Friday, February 14, 2014

Coyotes

February 14th 2014

I wish I could be like Nora Ephron, with wise and witty things to hide my face behind. As she says, if you slip on a banana peel, people laugh at you, but if you tell someone you slipped on a banana peel, the laugh is yours. It's one way to stay in the game, to stay on the rolling log and not belly flop into the water. Robert Lupone (Broadway star and producer and brother to Patti Lupone) was here in Aspen last week, and he was talking about surviving in NYC as an up-and-coming performer. He said you have to do what it takes to protect the vital you, the creative centre, so that when you get rejected for the thousandth time, you can pick yourself up and go on to the next one. As the Chinese proverb goes: Fall down seven times, get up eight.
Still, I don't want to fall down anymore. I gave up skiing recently for that reason  - after thirty years of skiing and finally running into a tree and finally breaking my shoulder, I said enough. And I have paid my literary dues - by writing unpublished for twenty years, by writing in the goddamn cupboard under the stairs; by getting enough rejections to paper a good sized bathroom. I don't want to have to lay myself out before the reviewers. I might just not be tough enough.
I think I might have to become an American citizen just long enough to make like Woody Allen and just not listen; I will take the fifth amendment rights and remain silent. I have always known that reviewers were harsh and how a writer needs to grow an extra layer of skin to cope.  But I didn't take it seriously. After all, my work has been criticised before: I attended a local writer's group for ten years, where we were brutally honest. But this is something else. This is people commenting who don't have to look you in the eye, who, if they like, can rub you into the dirt and never look back. And the good reviews don't really make up for the bad. The wounds inflicted by a callous comment or two or three or, geez, a whole paragraph, are never outweighed by the same number of soothing whispers. They go right to the heart, and there's nothing you can do about them.

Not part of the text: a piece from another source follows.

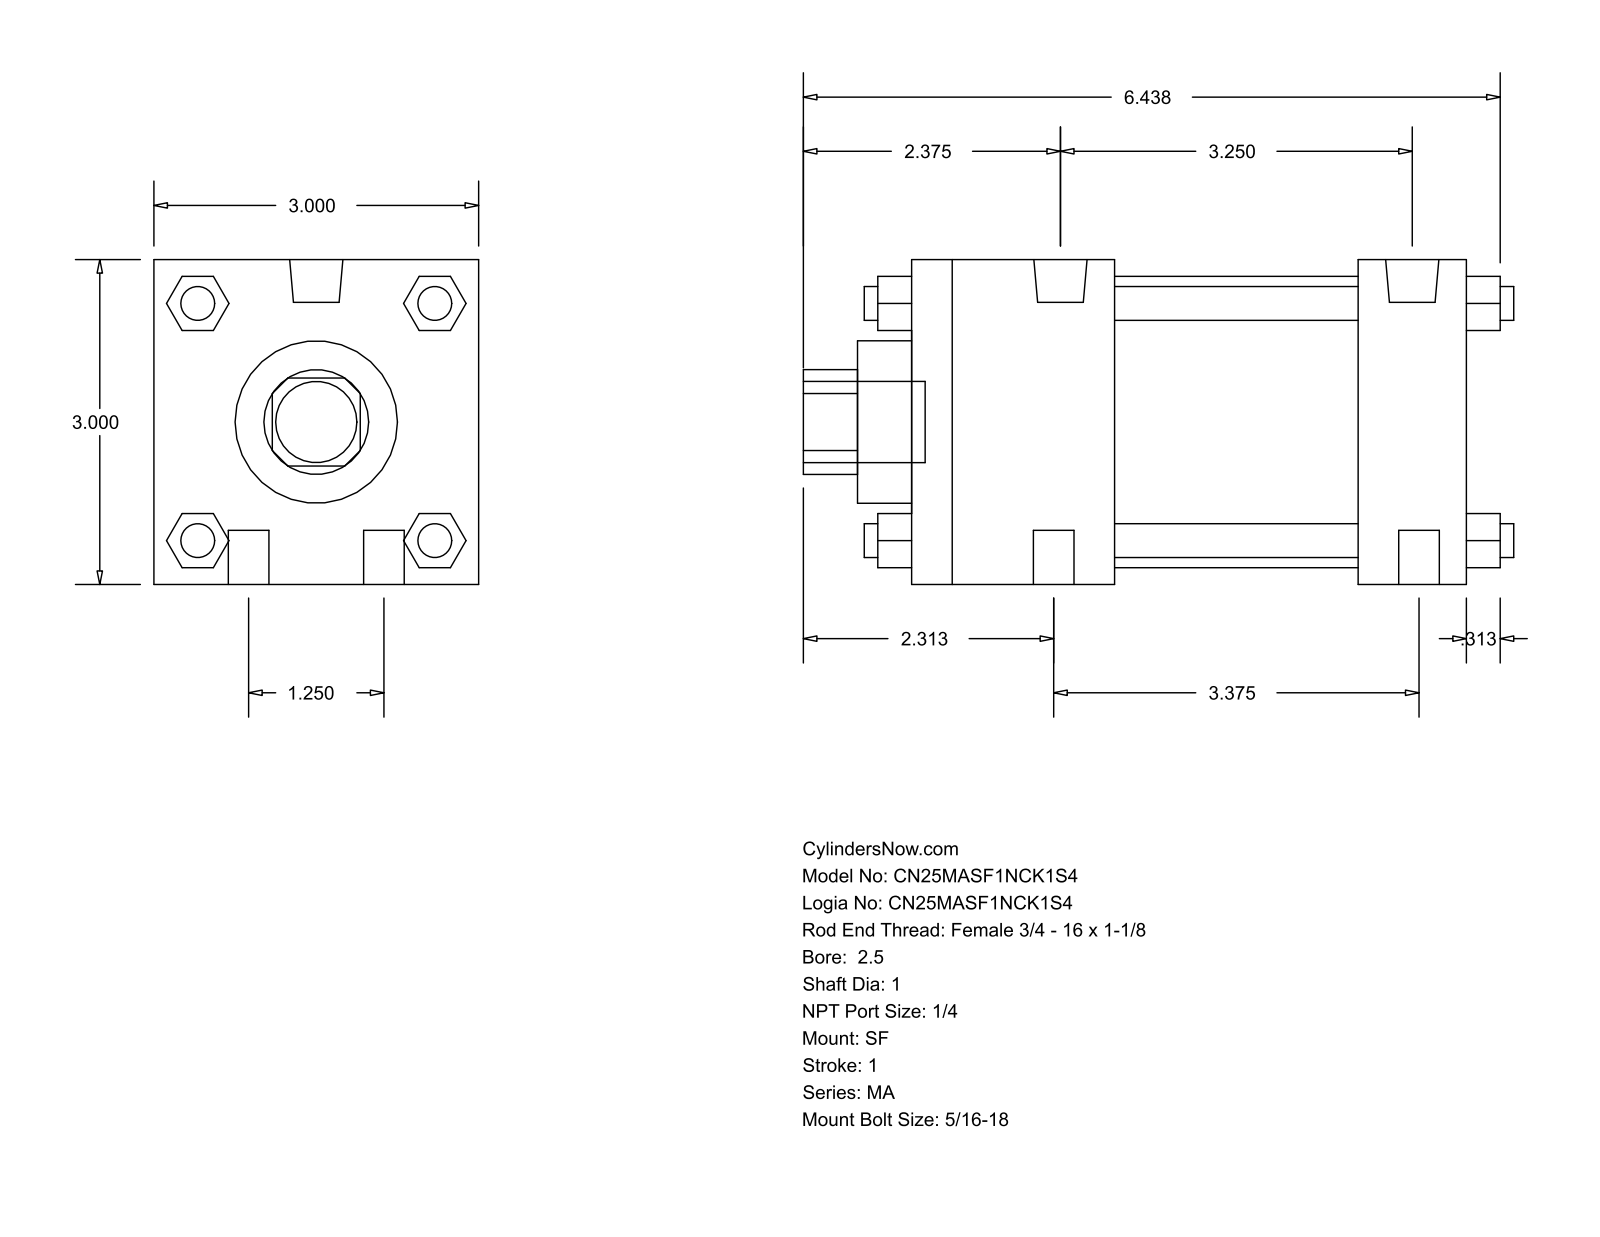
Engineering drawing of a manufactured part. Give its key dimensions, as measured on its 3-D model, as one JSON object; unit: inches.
{"part_name": "MA_SF__0250_1", "step_written_by": "GSSL Pune (CONFIG_CONTROL_DESIGN)", "units": "inches", "bodies": {"solids": 0, "faces": 124, "planar": 94, "cylindrical": 30, "other": 0}, "overall_size": [6.563, 3, 3], "round_holes": [[1, 1], [1.5, 1], [2.69, 1]], "round_bosses_or_shafts": [[0.313, 6], [0.375, 4], [0.492, 2], [0.75, 1]], "partial_cylinders_radius": [[0.484, 1]], "face_to_face_distances": [3, 5.125, 0.5, 4.125, 1, 1.875, 2.25, 3.25, 1.095, 1.896]}

During the storm whipped up in Woody Allen's life by a vindictive ex-partner, he received a valentine's card from her with a knife and long pins stuck into a picture of their family. (Shades of Fatal Attraction!)  But that's how it feels, dear readers, who are in the blissful era of churning out art behind closed doors. You will eventually have to walk around with daggers sticking out of your chest, and that isn't something you can easily hide.
When the arrows started flying at Steinbeck from reviewers in this country under the consensus that he should never have been awarded the Nobel Prize, he never wrote another word. (How wrong they turned out to be!) Steinbeck had Grapes of Wrath and Cannery Row and Tortilla Flat and any number of masterpieces under his belt, but it hurts, by god. It wounds, and you bleed out.

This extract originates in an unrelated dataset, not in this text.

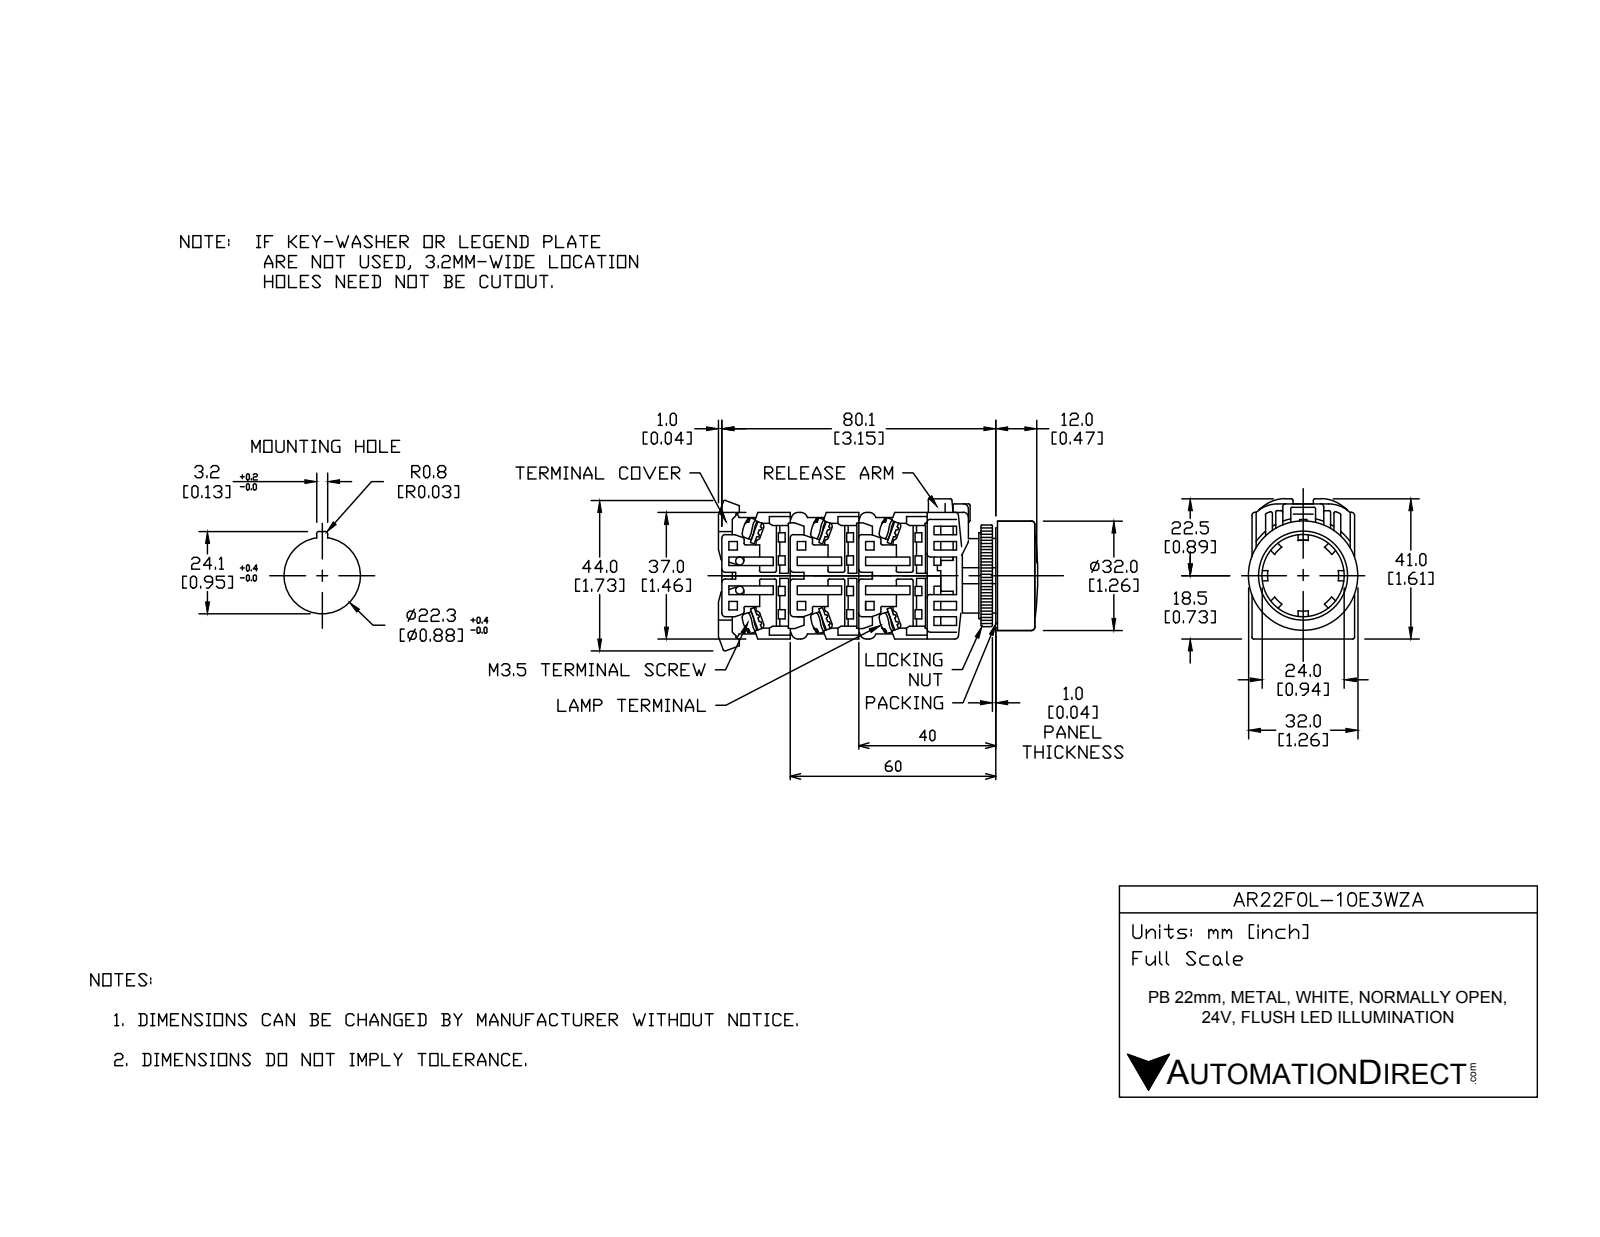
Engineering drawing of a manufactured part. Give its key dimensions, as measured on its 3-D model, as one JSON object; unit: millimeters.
{"part_name": "AR22F0L-10E3WZA", "step_written_by": "SolidWorks 2017 (AUTOMOTIVE_DESIGN)", "units": "millimeters", "bodies": {"solids": 18, "faces": 475, "planar": 329, "cylindrical": 111, "other": 35}, "overall_size": [52.75, 43.81, 32], "volume_mm3": 36367, "surface_area_mm2": 24064, "round_holes": [[21.8, 1], [22, 1], [25, 1], [31, 1]], "round_bosses_or_shafts": [[5, 4], [32, 1], [30.5, 1], [29.8, 1], [24, 1], [23.8, 1], [21.75, 1], [17, 1]], "partial_cylinders_radius": [[0.5, 39], [1.75, 8], [5, 4], [4, 2], [16.59, 1], [17.59, 1]], "face_to_face_distances": [1, 18, 28.5, 48.5, 20, 29, 3, 2, 21, 0.5]}

So I think I am just not going to read reviews, good or bad. I am going to close the envelope and turn down the flap on the arrows.  I have failed the humour test and the tough skin test. Whether my book sinks or swims will depend on how many copies it sells over about a year. That's all. That will have to be all. A published friend of mine has figured out that the publisher only needs to sell about five thousand copies to recoup a small advance and their costs. To me that sounds like a lot of copies, but he tells me it's not. I have another published friend who has just passed the hundred thousand mark.
So, anyway, enough of that. There's a rabbit that sits on a bank of snow outside my window for about two hours every morning. Due to a large coyote population, rabbits don't last very long around here. But there she sits (let's say it's a she and let's hope she's a muse.) It snows, but she sits on until the two hours are up and then she is suddenly gone the next time I look up. The next morning she is back. Today I bought a bag of Timothy hay to keep her going over this endless Narnia of a winter. You need your muses and you should do everything it takes to nurture and protect them.
Coyotes be damned.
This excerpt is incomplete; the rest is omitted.